Melansir laman Wall Street Journal, Selasa (25/10/2016), harga minyak mentah jenis light sweet untuk pengiriman Desember ditutup turun 33 sen atau 0,6 persen menjadi US$ 50,52 per barel di New York Mercantile Exchange.
Harga minyak AS hampir jatuh ke posisi terendah US$ 49,62 per barel sebelum rebound sepanjang siang.
Sementara Brent, patokan global, turun 32 sen atau 0,6 persen menjadi US$ 51,46 per barel.
Advertisement
Baca Juga
Harga minyak turun usai pejabat minyak Irak mengatakan mereka tidak akan kembali dalam usulan pengurangan output, yang saat ini berada pada 4,77 juta barel per hari.

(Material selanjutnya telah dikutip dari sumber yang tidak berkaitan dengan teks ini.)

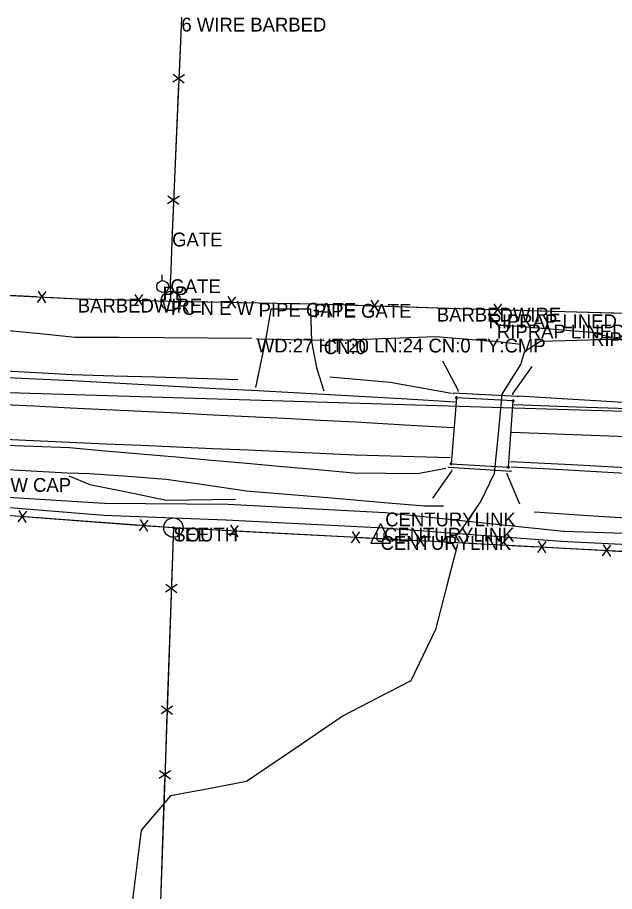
# Model space of a CAD drawing. Extents: x 675481 to 678499, y 212715 to 215285.
# Drawn here: x 676497.8 to 676713.6, y 214534.9 to 214851 of the extents above; entities that cross this region are included whole.
import ezdxf

# ---------------------------------------------------------------- set-up
doc = ezdxf.new("R2010")
doc.units = 0
for name, color, linetype in [('S_BASELINE', 7, 'Continuous'), ('S_BRIDGE', 7, 'Continuous'), ('S_DITCHLINE', 7, 'Continuous'), ('S_DRG_PT_SYM', 7, 'Continuous'), ('S_DRIVEWAY', 7, 'Continuous'), ('S_EDGE_PAVEMENT', 7, 'Continuous'), ('S_FENCE', 7, 'Continuous'), ('S_FENCE_ANNOT', 7, 'Continuous'), ('S_FIBER_OPTIC_CABLE', 7, 'Continuous'), ('S_FIBER_OPTIC_CABLE_ANNOT', 7, 'Continuous'), ('S_GATE', 7, 'Continuous'), ('S_GATE_ANNOT', 7, 'Continuous'), ('S_GRD_PT_SYM', 7, 'Continuous'), ('S_GUARDRAIL', 7, 'Continuous'), ('S_HEADWALL', 7, 'Continuous'), ('S_MISC_TOPO_POINT', 7, 'Continuous'), ('S_MSC_PT_SYM', 7, 'Continuous'), ('S_PAVEMENT_CROWN', 7, 'Continuous'), ('S_RDW_PT_SYM', 7, 'Continuous'), ('S_SECONDARY_CTL_ANNOT', 7, 'Continuous'), ('S_SHOULDER', 7, 'Continuous'), ('S_SIDE_DRAIN', 7, 'Continuous'), ('S_SIDE_DRAIN_ANNOT', 7, 'Continuous'), ('S_STR_PT_SYM', 7, 'Continuous'), ('S_STREAM', 7, 'Continuous'), ('S_UNDERGROUND_CABLE', 7, 'Continuous'), ('S_UTILITY_POLE', 7, 'Continuous'), ('S_UTILITY_POLE_ANNOT', 7, 'Continuous'), ('S_UTL_PT_SYM', 7, 'Continuous')]:
    doc.layers.add(name, color=color, linetype=linetype)

msp = doc.modelspace()

# ---------------------------------------------------------------- linework, layer by layer
at = {"layer": 'S_BASELINE'}
msp.add_line((675887.93, 214733.6), (676879.32, 214703.75), dxfattribs=at)
at = {"layer": 'S_BRIDGE'}
for p, q in [((676656.48, 214713.49), (676654.63, 214689.6)), ((676677.02, 214712.33), (676656.48, 214713.49)), ((676675.25, 214688.38), (676677.02, 214712.33)), ((676654.63, 214689.6), (676675.25, 214688.38))]:
    msp.add_line(p, q, dxfattribs=at)
at = {"layer": 'S_DITCHLINE'}
for points in [[(676266.87, 214746.32), (676281.29, 214745.11), (676295.71, 214743.91), (676310.12, 214742.71), (676324.54, 214741.51), (676347.79, 214742.46), (676371.04, 214743.4), (676394.28, 214744.35), (676417.53, 214745.3), (676430.16, 214744.06), (676442.79, 214742.83), (676455.43, 214741.59), (676468.06, 214740.36), (676480.69, 214739.12), (676493.32, 214737.89), (676505.96, 214736.65), (676518.59, 214735.42), (676534.58, 214735.32), (676550.57, 214735.23), (676566.56, 214735.13), (676582.55, 214735.04)], [(676610.25, 214734.14), (676629.62, 214734.9), (676648.99, 214735.66), (676669.38, 214733.88)], [(676679.75, 214732.77), (676669.38, 214733.88)], [(676489.68, 214687.77), (676502.73, 214687.03), (676515.78, 214686.29), (676523.98, 214686.11), (676537.73, 214685.05), (676551.48, 214684), (676565.95, 214681.92), (676580.43, 214679.85), (676596.57, 214678.47), (676612.71, 214677.1), (676628.85, 214675.72), (676644.99, 214674.34), (676651.58, 214674.33), (676651.81, 214674.32)], [(676516.3, 214685.27), (676523.99, 214682.07), (676537.85, 214679.27), (676551.71, 214676.47), (676576.57, 214676.81)], [(676684.59, 214672.17), (676686.62, 214672.03), (676704.15, 214670.89), (676721.67, 214669.74), (676734.37, 214669.15), (676747.08, 214668.56), (676759.79, 214667.97), (676772.49, 214667.38), (676785.2, 214666.79), (676797.91, 214666.21), (676810.61, 214665.62), (676823.32, 214665.03), (676844.67, 214663.84), (676866.02, 214662.65), (676887.37, 214661.46), (676908.72, 214660.27), (676914.74, 214658.57), (676915.33, 214654.64), (676902.17, 214653.74)]]:
    msp.add_lwpolyline(points, dxfattribs=at)
at = {"layer": 'S_DRG_PT_SYM'}
for points in [[(676584.32, 214734.83), (676584.32, 214734.88), (676584.32, 214734.83), (676584.27, 214734.83), (676584.32, 214734.83), (676584.32, 214734.78), (676584.32, 214734.83), (676584.37, 214734.83)], [(676608.52, 214734.24), (676608.52, 214734.29), (676608.52, 214734.24), (676608.47, 214734.24), (676608.52, 214734.24), (676608.52, 214734.19), (676608.52, 214734.24), (676608.57, 214734.24)]]:
    msp.add_lwpolyline(points, dxfattribs=at)
at = {"layer": 'S_DRIVEWAY'}
msp.add_lwpolyline([(676608.62, 214715.8), (676606.13, 214723.86), (676604.23, 214733.83), (676603.83, 214745.52), (676589.43, 214745.51), (676587.52, 214735.03), (676583.86, 214717.17)], dxfattribs=at)
at = {"layer": 'S_EDGE_PAVEMENT'}
for points in [[(676491.25, 214720.92), (676504.43, 214720.3), (676517.61, 214719.68), (676530.59, 214718.97), (676543.56, 214718.27), (676556.54, 214717.57), (676569.51, 214716.87), (676582.49, 214716.16), (676595.47, 214715.46), (676608.44, 214714.76), (676621.42, 214714.05), (676638.71, 214713.05), (676656, 214712.04)], [(676677.25, 214711.01), (676699.88, 214710.21), (676722.5, 214709.42), (676735.45, 214708.74), (676748.41, 214708.05), (676761.36, 214707.37), (676774.32, 214706.69), (676787.27, 214706.01), (676800.23, 214705.33), (676813.18, 214704.64), (676826.14, 214703.96), (676838.77, 214703.19), (676851.4, 214702.42), (676864.03, 214701.65), (676876.65, 214700.88), (676889.28, 214700.1), (676901.91, 214699.33), (676914.54, 214698.56), (676927.17, 214697.79), (676942.37, 214697.01), (676957.56, 214696.24), (676972.76, 214695.46), (676987.95, 214694.68), (676999.79, 214693.96)], [(676490.26, 214698.57), (676503.46, 214697.99), (676516.66, 214697.4), (676529.56, 214696.84), (676542.46, 214696.27), (676555.35, 214695.7), (676568.25, 214695.13), (676581.15, 214694.57), (676594.05, 214694), (676606.95, 214693.43), (676619.85, 214692.87), (676637.02, 214692.34), (676654.2, 214691.81)], [(676676.07, 214690.47), (676698.02, 214689.27), (676719.97, 214688.08), (676733, 214687.38), (676746.03, 214686.69), (676759.06, 214685.99), (676772.1, 214685.3), (676785.13, 214684.61), (676798.16, 214683.91), (676811.19, 214683.22), (676824.22, 214682.52), (676837.04, 214681.68), (676849.87, 214680.84), (676862.69, 214680), (676875.51, 214679.16), (676888.34, 214678.31), (676901.16, 214677.47), (676913.98, 214676.63), (676926.8, 214675.79), (676941.84, 214675.17), (676956.87, 214674.55), (676971.9, 214673.93), (676986.94, 214673.32), (676998.53, 214672.68)]]:
    msp.add_lwpolyline(points, dxfattribs=at)
at = {"layer": 'S_FENCE'}
for p, q in [((676557.05, 214850.91), (676553.68, 214773.19)), ((676558.2, 214830.28), (676553.99, 214827.59)), ((676554.11, 214830.46), (676558.08, 214827.41)), ((676556.3, 214786.32), (676552.08, 214783.63)), ((676552.2, 214786.5), (676556.17, 214783.46)), ((676417.3, 214754.4), (676519.59, 214749.29)), ((676553.21, 214748.45), (676553.05, 214756.3)), ((676505.08, 214747.97), (676508.15, 214751.91)), ((676505.29, 214752.06), (676507.95, 214747.82)), ((676519.59, 214749.29), (676553.21, 214748.45)), ((676540.1, 214746.73), (676543.07, 214750.75)), ((676540.21, 214750.82), (676542.97, 214746.66)), ((676553.21, 214748.45), (676584.96, 214747.76)), ((676573.72, 214745.96), (676576.68, 214749.99)), ((676573.81, 214750.05), (676576.59, 214745.89)), ((676625.38, 214744.72), (676628.37, 214748.73)), ((676625.5, 214748.81), (676628.24, 214744.63)), ((676604.89, 214747.4), (676649.4, 214746.03)), ((676649.4, 214746.03), (676723.38, 214743.86)), ((676669.9, 214743.38), (676672.89, 214747.39)), ((676670.02, 214747.47), (676672.77, 214743.29)), ((676410.39, 214677.16), (676554.15, 214666.49)), ((676497.99, 214668.6), (676501.16, 214672.48)), ((676498.3, 214672.69), (676500.85, 214668.39)), ((676541.87, 214665.35), (676545.03, 214669.22)), ((676542.17, 214669.43), (676544.73, 214665.14)), ((676554.13, 214666.5), (676542.97, 214341.43)), ((676554.15, 214666.49), (676721.59, 214657.65)), ((676574.58, 214663.36), (676577.66, 214667.3)), ((676574.8, 214667.45), (676577.44, 214663.21)), ((676618.52, 214661.04), (676621.6, 214664.98)), ((676618.73, 214665.13), (676621.38, 214660.89)), ((676641.92, 214659.81), (676645, 214663.75)), ((676642.13, 214663.9), (676644.78, 214659.66)), ((676685.86, 214657.49), (676688.94, 214661.43)), ((676686.07, 214661.58), (676688.72, 214657.34)), ((676709.26, 214656.25), (676712.34, 214660.19)), ((676709.47, 214660.34), (676712.12, 214656.1)), ((676555.47, 214645.87), (676551.28, 214643.15)), ((676551.38, 214646.01), (676555.38, 214643.01)), ((676553.96, 214601.9), (676549.77, 214599.17)), ((676549.87, 214602.04), (676553.86, 214599.03)), ((676553.16, 214578.48), (676548.97, 214575.75)), ((676549.07, 214578.62), (676553.06, 214575.61))]:
    msp.add_line(p, q, dxfattribs=at)
for points in [[(676557.05, 214850.91), (676556.18, 214830.93)], [(676556.01, 214826.94), (676554.27, 214786.98)], [(676554.13, 214783.54), (676553.68, 214773.19)], [(676553.21, 214748.45), (676553.05, 214756.3)], [(676484.64, 214751.04), (676504.62, 214750.04)], [(676508.61, 214749.84), (676519.59, 214749.29)], [(676519.59, 214749.29), (676539.59, 214748.79)], [(676543.59, 214748.69), (676553.21, 214748.45)], [(676553.21, 214748.45), (676573.2, 214748.01)], [(676577.2, 214747.93), (676584.96, 214747.76)], [(676604.89, 214747.4), (676624.88, 214746.78)], [(676628.87, 214746.66), (676649.4, 214746.03)], [(676649.4, 214746.03), (676669.39, 214745.44)], [(676673.39, 214745.32), (676713.38, 214744.15)], [(676501.57, 214670.39), (676541.46, 214667.43)], [(676544.88, 214667.18), (676554.15, 214666.49)], [(676554.13, 214666.5), (676553.45, 214646.51)], [(676554.15, 214666.49), (676574.12, 214665.44)], [(676578.12, 214665.23), (676618.06, 214663.12)], [(676621.49, 214662.94), (676641.46, 214661.88)], [(676645.45, 214661.67), (676685.4, 214659.56)], [(676688.83, 214659.38), (676708.8, 214658.33)], [(676712.79, 214658.12), (676721.59, 214657.65)], [(676553.31, 214642.51), (676551.94, 214602.54)], [(676551.82, 214599.1), (676551.13, 214579.12)], [(676550.99, 214575.12), (676549.62, 214535.14)]]:
    msp.add_lwpolyline(points, dxfattribs=at)
for centre, radius in [((676553.21, 214748.45), 3.49), ((676553.21, 214748.45), 0.247), ((676553.21, 214748.45), 0.0349), ((676554.15, 214666.5), 3.49), ((676554.15, 214666.5), 0.247), ((676554.15, 214666.5), 0.0349)]:
    msp.add_circle(centre, radius, dxfattribs=at)
at = {"layer": 'S_FIBER_OPTIC_CABLE'}
for p, q in [((676408.53, 214682.85), (676529.18, 214675.38)), ((676408.56, 214680.71), (676529.06, 214670.98)), ((676529.18, 214675.38), (676573.85, 214674.97)), ((676573.85, 214674.97), (676630.73, 214671.96)), ((676529.06, 214670.98), (676573.15, 214669.31)), ((676573.15, 214669.31), (676630.28, 214666.43)), ((676630.73, 214671.96), (676695.14, 214665.17)), ((676630.28, 214666.43), (676694.38, 214661.65)), ((676695.14, 214665.17), (676903.62, 214659.05)), ((676694.38, 214661.65), (676902.67, 214650.86))]:
    msp.add_line(p, q, dxfattribs=at)
at = {"layer": 'S_GATE'}
for p, q in [((676553.68, 214773.19), (676553.05, 214756.3)), ((676584.96, 214747.76), (676604.89, 214747.4))]:
    msp.add_line(p, q, dxfattribs=at)
at = {"layer": 'S_GRD_PT_SYM'}
for points in [[(676668.05, 214743.62), (676668.05, 214743.67), (676668.05, 214743.62), (676668, 214743.62), (676668.05, 214743.62), (676668.05, 214743.57), (676668.05, 214743.62), (676668.1, 214743.62)], [(676671.11, 214739.94), (676671.11, 214739.99), (676671.11, 214739.94), (676671.06, 214739.94), (676671.11, 214739.94), (676671.11, 214739.89), (676671.11, 214739.94), (676671.16, 214739.94)], [(676705.16, 214737.13), (676705.16, 214737.18), (676705.16, 214737.13), (676705.1, 214737.13), (676705.16, 214737.13), (676705.16, 214737.08), (676705.16, 214737.13), (676705.21, 214737.13)]]:
    msp.add_lwpolyline(points, dxfattribs=at)
at = {"layer": 'S_GUARDRAIL'}
for p, q in [((676678.64, 214713.88), (676655.35, 214715.08)), ((676653.6, 214688.39), (676676.22, 214686.95))]:
    msp.add_line(p, q, dxfattribs=at)
at = {"layer": 'S_HEADWALL'}
for points in [[(676651.4, 214726.81), (676656.98, 214716.27), (676656.94, 214715.71)], [(676676.87, 214714.58), (676676.96, 214715.07), (676683.86, 214724.82)], [(676654.8, 214687.36), (676654.71, 214686.87), (676647.86, 214677.13)], [(676679.34, 214674.94), (676674.77, 214685.8), (676674.83, 214686.23)]]:
    msp.add_lwpolyline(points, dxfattribs=at)
at = {"layer": 'S_MISC_TOPO_POINT'}
for p, q in [((676668.05, 214743.62), (676671.11, 214739.94)), ((676671.11, 214739.94), (676705.16, 214737.13)), ((676705.16, 214737.13), (676721.61, 214733.06))]:
    msp.add_line(p, q, dxfattribs=at)
at = {"layer": 'S_MSC_PT_SYM'}
for points in [[(676557.05, 214850.91), (676557.05, 214850.96), (676557.05, 214850.91), (676557, 214850.91), (676557.05, 214850.91), (676557.05, 214850.86), (676557.05, 214850.91), (676557.1, 214850.91)], [(676553.68, 214773.19), (676553.68, 214773.24), (676553.68, 214773.19), (676553.63, 214773.19), (676553.68, 214773.19), (676553.68, 214773.14), (676553.68, 214773.19), (676553.73, 214773.19)], [(676553.68, 214773.19), (676553.68, 214773.24), (676553.68, 214773.19), (676553.63, 214773.19), (676553.68, 214773.19), (676553.68, 214773.14), (676553.68, 214773.19), (676553.73, 214773.19)], [(676553.05, 214756.3), (676553.05, 214756.35), (676553.05, 214756.3), (676553, 214756.3), (676553.05, 214756.3), (676553.05, 214756.25), (676553.05, 214756.3), (676553.1, 214756.3)], [(676553.05, 214756.3), (676553.05, 214756.35), (676553.05, 214756.3), (676553, 214756.3), (676553.05, 214756.3), (676553.05, 214756.25), (676553.05, 214756.3), (676553.1, 214756.3)], [(676519.59, 214749.29), (676519.59, 214749.34), (676519.59, 214749.29), (676519.54, 214749.29), (676519.59, 214749.29), (676519.59, 214749.24), (676519.59, 214749.29), (676519.65, 214749.29)], [(676553.21, 214748.45), (676553.21, 214748.5), (676553.21, 214748.45), (676553.16, 214748.45), (676553.21, 214748.45), (676553.21, 214748.4), (676553.21, 214748.45), (676553.26, 214748.45)], [(676553.21, 214748.45), (676553.21, 214748.5), (676553.21, 214748.45), (676553.16, 214748.45), (676553.21, 214748.45), (676553.21, 214748.4), (676553.21, 214748.45), (676553.26, 214748.45)], [(676584.96, 214747.76), (676584.96, 214747.81), (676584.96, 214747.76), (676584.91, 214747.76), (676584.96, 214747.76), (676584.96, 214747.71), (676584.96, 214747.76), (676585.01, 214747.76)], [(676584.96, 214747.76), (676584.96, 214747.81), (676584.96, 214747.76), (676584.91, 214747.76), (676584.96, 214747.76), (676584.96, 214747.71), (676584.96, 214747.76), (676585.01, 214747.76)], [(676604.89, 214747.4), (676604.89, 214747.45), (676604.89, 214747.4), (676604.83, 214747.4), (676604.89, 214747.4), (676604.89, 214747.35), (676604.89, 214747.4), (676604.94, 214747.4)], [(676604.89, 214747.4), (676604.89, 214747.45), (676604.89, 214747.4), (676604.83, 214747.4), (676604.89, 214747.4), (676604.89, 214747.35), (676604.89, 214747.4), (676604.94, 214747.4)], [(676649.4, 214746.03), (676649.4, 214746.08), (676649.4, 214746.03), (676649.35, 214746.03), (676649.4, 214746.03), (676649.4, 214745.98), (676649.4, 214746.03), (676649.45, 214746.03)], [(676554.13, 214666.5), (676554.13, 214666.55), (676554.13, 214666.5), (676554.08, 214666.5), (676554.13, 214666.5), (676554.13, 214666.45), (676554.13, 214666.5), (676554.18, 214666.5)], [(676554.15, 214666.49), (676554.15, 214666.54), (676554.15, 214666.49), (676554.1, 214666.49), (676554.15, 214666.49), (676554.15, 214666.44), (676554.15, 214666.49), (676554.2, 214666.49)]]:
    msp.add_lwpolyline(points, dxfattribs=at)
at = {"layer": 'S_PAVEMENT_CROWN'}
for points in [[(676490.44, 214711.13), (676503.65, 214710.5), (676516.86, 214709.86), (676529.78, 214709.23), (676542.69, 214708.59), (676555.6, 214707.95), (676568.51, 214707.31), (676581.42, 214706.68), (676594.34, 214706.04), (676607.25, 214705.4), (676620.16, 214704.77), (676637.71, 214703.73), (676655.26, 214702.69)], [(676676.38, 214701.07), (676698.84, 214700.19), (676721.29, 214699.32), (676734.24, 214698.53), (676747.19, 214697.75), (676760.13, 214696.97), (676773.08, 214696.19), (676786.03, 214695.41), (676798.98, 214694.63), (676811.92, 214693.85), (676824.87, 214693.07), (676837.62, 214692.22), (676850.38, 214691.37), (676863.13, 214690.52), (676875.89, 214689.66), (676888.65, 214688.81), (676901.4, 214687.96), (676914.16, 214687.11), (676926.91, 214686.26), (676939.91, 214685.55), (676952.91, 214684.85), (676965.91, 214684.15), (676978.91, 214683.45), (676999.41, 214683.17)]]:
    msp.add_lwpolyline(points, dxfattribs=at)
at = {"layer": 'S_RDW_PT_SYM'}
for points in [[(676655.35, 214715.08), (676655.35, 214715.13), (676655.35, 214715.08), (676655.3, 214715.08), (676655.35, 214715.08), (676655.35, 214715.03), (676655.35, 214715.08), (676655.4, 214715.08)], [(676678.64, 214713.88), (676678.64, 214713.93), (676678.64, 214713.88), (676678.59, 214713.88), (676678.64, 214713.88), (676678.64, 214713.83), (676678.64, 214713.88), (676678.69, 214713.88)], [(676653.6, 214688.39), (676653.6, 214688.44), (676653.6, 214688.39), (676653.55, 214688.39), (676653.6, 214688.39), (676653.6, 214688.34), (676653.6, 214688.39), (676653.65, 214688.39)], [(676676.22, 214686.95), (676676.22, 214687), (676676.22, 214686.95), (676676.17, 214686.95), (676676.22, 214686.95), (676676.22, 214686.9), (676676.22, 214686.95), (676676.27, 214686.95)]]:
    msp.add_lwpolyline(points, dxfattribs=at)
at = {"layer": 'S_SHOULDER'}
for points in [[(676271.8, 214734.15), (676284.58, 214733.56), (676297.36, 214732.96), (676310.14, 214732.36), (676322.91, 214731.76), (676335.69, 214731.16), (676348.47, 214730.56), (676361.25, 214729.96), (676374.03, 214729.36), (676386.81, 214728.76), (676399.58, 214728.16), (676412.36, 214727.56), (676425.52, 214726.85), (676438.69, 214726.14), (676451.85, 214725.43), (676465.01, 214724.72), (676478.17, 214724.01), (676491.34, 214723.3), (676504.5, 214722.59), (676517.66, 214721.88), (676532.62, 214721.43), (676547.57, 214720.99), (676562.52, 214720.54), (676577.48, 214720.09)], [(676610.75, 214720.98), (676632.53, 214719.09), (676654.68, 214715.15)], [(676678.76, 214714.1), (676700.72, 214712.83), (676722.69, 214711.55), (676735.58, 214710.91), (676748.48, 214710.26), (676761.37, 214709.61), (676774.27, 214708.96), (676787.16, 214708.31), (676800.06, 214707.66), (676812.95, 214707.01), (676825.85, 214706.36), (676838.52, 214705.61), (676851.19, 214704.86), (676863.86, 214704.11), (676876.53, 214703.36), (676889.2, 214702.61), (676901.88, 214701.86), (676914.55, 214701.12), (676927.22, 214700.37), (676946.23, 214699.69), (676965.23, 214699.02), (676981.46, 214697.75), (676997.69, 214696.47)], [(676490.2, 214696.48), (676503.41, 214695.97), (676516.61, 214695.46), (676529.44, 214694.32), (676542.27, 214693.18), (676555.1, 214692.05), (676567.92, 214690.91), (676580.75, 214689.77), (676593.58, 214688.64), (676606.4, 214687.5), (676619.23, 214686.36), (676642.4, 214686.13), (676652.68, 214687.95)], [(676676.21, 214688.53), (676694.75, 214687.49), (676713.28, 214686.45), (676731.82, 214685.42), (676750.35, 214684.38), (676768.89, 214683.35), (676787.42, 214682.31), (676805.96, 214681.28), (676824.49, 214680.24), (676846.91, 214678.62), (676869.33, 214676.99), (676891.75, 214675.37), (676914.16, 214673.75)]]:
    msp.add_lwpolyline(points, dxfattribs=at)
at = {"layer": 'S_SIDE_DRAIN'}
msp.add_line((676584.32, 214734.83), (676608.52, 214734.24), dxfattribs=at)
at = {"layer": 'S_STR_PT_SYM'}
for points in [[(676656.48, 214713.49), (676656.48, 214713.99), (676656.48, 214713.49), (676655.98, 214713.49), (676656.48, 214713.49), (676656.48, 214712.99), (676656.48, 214713.49), (676656.98, 214713.49)], [(676677.02, 214712.33), (676677.02, 214712.83), (676677.02, 214712.33), (676676.52, 214712.33), (676677.02, 214712.33), (676677.02, 214711.83), (676677.02, 214712.33), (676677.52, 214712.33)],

Irak merupakan anggota terbesar kedua penghasil minyak dalam OPEC setelah Saudi Arabia, yang membuat komitmen untuk memotong produksi minyaknya.
"Pergeseran (keinginan) oleh produsen terbesar kedua OPEC ini bisa menjadi deal breaker," kata Tim Evans, analis di Citi Futures Perspective di New York.
Anggota OPEC Iran, Libya dan Nigeria sudah diperkirakan akan dibebaskan dari kesepakatan itu. Sementara Rusia juga kemungkinan akan bergabung tindakan untuk mengekang produksi.
"Ada risiko bahwa penolakan Irak bisa memicu efek domino bahwa produsen lain akan meminta untuk dibebaskan dari pemotongan juga," kata Gao Jian, analis energi SCI Internasional.
Di sisi lain, Enterprise Products Partners mengumumkan terjadinya kebocoran di Seaway Pipeline, yang membawa 400 ribu barel minyak per hari ke Pantai Teluk dari Cushing, Oklahoma yakni Hub untuk minyak AS.
Beberapa mengkhawatirkan kondisi cadangan pasokan minyak dan menyebabkan harga AS jatuh lebih jauh daripada harga internasional.
Harga minyak juga berada di bawah tekanan karena jumlah rig minyak aktif di AS terus naik. Pekan lalu, jumlah minyak rig naik 11 ke 443, menurut perusahaan jasa ladang minyak Baker Hughes Inc.